A un virage plus loin, nous rencontrons deux habitants de la région. Méfiants, ils ont hésité un instant à répondre à nos questions. « Je n’ai rien vu, moi j’étais là-haut au village de Taguelmimt », nous dit l’un d’eux. Comme pour se défendre d’un reproche de connivence avec les terroristes que nous n’avons pas émis, il ajoute : « Si nous savions que ça allait se passer, vous pensez que nous aurions laissé nos enfants venir jouer et paître les chèvres ici ? » « L’attaque a commencé vers 16 h et les échanges de tirs ont duré deux heures.
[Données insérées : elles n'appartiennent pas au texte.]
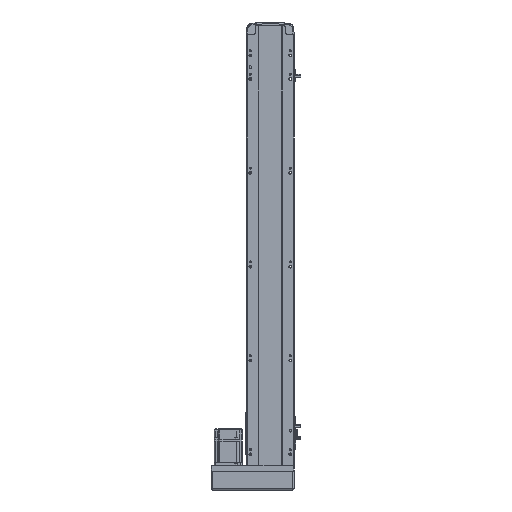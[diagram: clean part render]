
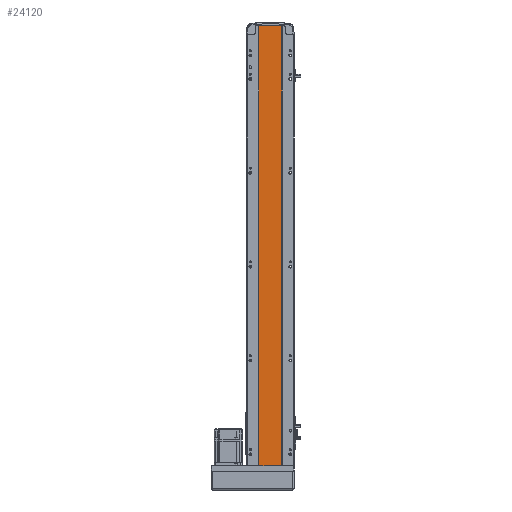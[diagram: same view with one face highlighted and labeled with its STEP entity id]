
A CAD part, front view. The second image highlights one B-rep face of the part: STEP entity #24120.
In plain terms, the highlighted planar face has unit normal (0, -1, 0).
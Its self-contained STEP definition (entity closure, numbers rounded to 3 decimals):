
#4185 = DIRECTION ( 'NONE',  ( 0., 0., -1. ) ) ;
#4926 = VECTOR ( 'NONE', #59722, 1000. ) ;
#6328 = EDGE_CURVE ( 'NONE', #23246, #10656, #15307, .T. ) ;
#7149 = ORIENTED_EDGE ( 'NONE', *, *, #24361, .F. ) ;
#10196 = PLANE ( 'NONE',  #30310 ) ;
#10656 = VERTEX_POINT ( 'NONE', #38209 ) ;
#13247 = VERTEX_POINT ( 'NONE', #38097 ) ;
#14233 = VECTOR ( 'NONE', #51966, 1000. ) ;
#15307 = LINE ( 'NONE', #45533, #21138 ) ;
#16511 = CARTESIAN_POINT ( 'NONE',  ( 24.5, 2., 0. ) ) ;
#17278 = CARTESIAN_POINT ( 'NONE',  ( -24.5, 2., 937. ) ) ;
#19475 = ORIENTED_EDGE ( 'NONE', *, *, #6328, .T. ) ;
#20235 = DIRECTION ( 'NONE',  ( 0., 0., 1. ) ) ;
#20804 = LINE ( 'NONE', #56663, #14233 ) ;
#21138 = VECTOR ( 'NONE', #31404, 1000. ) ;
#22815 = VECTOR ( 'NONE', #4185, 1000. ) ;
#23246 = VERTEX_POINT ( 'NONE', #17278 ) ;
#24120 = ADVANCED_FACE ( 'NONE', ( #43432 ), #10196, .F. ) ;
#24361 = EDGE_CURVE ( 'NONE', #13247, #60205, #45611, .T. ) ;
#27176 = CARTESIAN_POINT ( 'NONE',  ( 24.5, 2., 937. ) ) ;
#30310 = AXIS2_PLACEMENT_3D ( 'NONE', #33605, #43015, #20235 ) ;
#31404 = DIRECTION ( 'NONE',  ( 0., 0., -1. ) ) ;
#31438 = EDGE_CURVE ( 'NONE', #10656, #60205, #20804, .T. ) ;
#33605 = CARTESIAN_POINT ( 'NONE',  ( 0., 2., 937. ) ) ;
#38097 = CARTESIAN_POINT ( 'NONE',  ( 24.5, 2., 937. ) ) ;
#38209 = CARTESIAN_POINT ( 'NONE',  ( -24.5, 2., 0. ) ) ;
#42920 = ORIENTED_EDGE ( 'NONE', *, *, #56088, .F. ) ;
#43015 = DIRECTION ( 'NONE',  ( 0., 1., 0. ) ) ;
#43432 = FACE_OUTER_BOUND ( 'NONE', #58238, .T. ) ;
#45533 = CARTESIAN_POINT ( 'NONE',  ( -24.5, 2., 937. ) ) ;
#45611 = LINE ( 'NONE', #27176, #22815 ) ;
#46012 = CARTESIAN_POINT ( 'NONE',  ( -24.5, 2., 937. ) ) ;
#51966 = DIRECTION ( 'NONE',  ( 1., 0., 0. ) ) ;
#56088 = EDGE_CURVE ( 'NONE', #23246, #13247, #57014, .T. ) ;
#56346 = ORIENTED_EDGE ( 'NONE', *, *, #31438, .T. ) ;
#56663 = CARTESIAN_POINT ( 'NONE',  ( 0., 2., 0. ) ) ;
#57014 = LINE ( 'NONE', #46012, #4926 ) ;
#58238 = EDGE_LOOP ( 'NONE', ( #56346, #7149, #42920, #19475 ) ) ;
#59722 = DIRECTION ( 'NONE',  ( 1., 0., 0. ) ) ;
#60205 = VERTEX_POINT ( 'NONE', #16511 ) ;

Beaucoup de citoyens apeurés ont dû s’abriter dans cette cabane », rapporte un autre citoyen qu’un gendarme est venu interroger avant nous. Nous prenons congé de nos deux interlocuteurs qui se déclarent pessimistes quant à la reprise rapide de l’activité touristique à Oued Dass. La présente saison estivale est-elle sérieusement compromise ? Réponse peut-être au bout de ce tronçon de route tortueux. Rangée sur le bas-côté de la route, la présence d’une Kangoo sur des lieux investis par une armada de militaires suscite notre curiosité. Nous y trouvons une famille en pique-nique. La seule dans tous les parages.